[What you should do] Wherever an image appears in the records, exclude it, and reproduce everything else exactly.

Dataset content Block Start

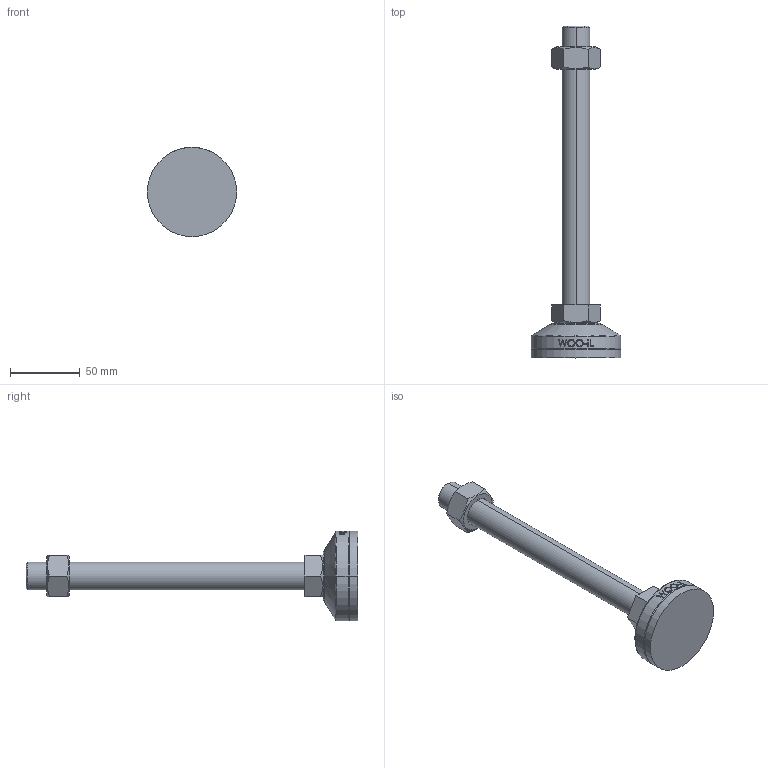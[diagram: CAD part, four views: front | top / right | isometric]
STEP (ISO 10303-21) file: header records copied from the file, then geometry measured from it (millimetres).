
FILE_DESCRIPTION (( 'STEP AP214' ), '1' );
FILE_NAME ('MFR64-M20-200.step', '2021-01-13T05:38:48', ( '' ), ( '' ), 'SwSTEP 2.0', 'SolidWorks 2019', '' );
FILE_SCHEMA (( 'AUTOMOTIVE_DESIGN' ));
Length unit declared in the file: millimetre
Products named in the file (2): MFR64-M20-200
Bounding box: 64 x 238 x 64 mm (x, y, z)
Volume: 148931.4 mm3; surface area: 29218.1 mm2
Topology: 3 solids, 3 shells, 102 faces, 239 edges, 154 vertices
Faces by surface type: plane 48, cylinder 18, bspline 16, cone 14, torus 6
Entity records: 4418 total; most frequent: CARTESIAN_POINT 2143, ORIENTED_EDGE 478, DIRECTION 415, EDGE_CURVE 239, AXIS2_PLACEMENT_3D 158, VERTEX_POINT 154, EDGE_LOOP 115, FACE_OUTER_BOUND 102

Dataset content Block End

[Answer to this exercise]
[diagram: CAD part, four views: front | top / right | isometric]
STEP (ISO 10303-21) file: header records copied from the file, then geometry measured from it (millimetres).
FILE_DESCRIPTION (( 'STEP AP214' ), '1' );
FILE_NAME ('MFR64-M20-200.step', '2021-01-13T05:38:48', ( '' ), ( '' ), 'SwSTEP 2.0', 'SolidWorks 2019', '' );
FILE_SCHEMA (( 'AUTOMOTIVE_DESIGN' ));
Length unit declared in the file: millimetre
Products named in the file (2): MFR64-M20-200
Bounding box: 64 x 238 x 64 mm (x, y, z)
Volume: 148931.4 mm3; surface area: 29218.1 mm2
Topology: 3 solids, 3 shells, 102 faces, 239 edges, 154 vertices
Faces by surface type: plane 48, cylinder 18, bspline 16, cone 14, torus 6
Entity records: 4418 total; most frequent: CARTESIAN_POINT 2143, ORIENTED_EDGE 478, DIRECTION 415, EDGE_CURVE 239, AXIS2_PLACEMENT_3D 158, VERTEX_POINT 154, EDGE_LOOP 115, FACE_OUTER_BOUND 102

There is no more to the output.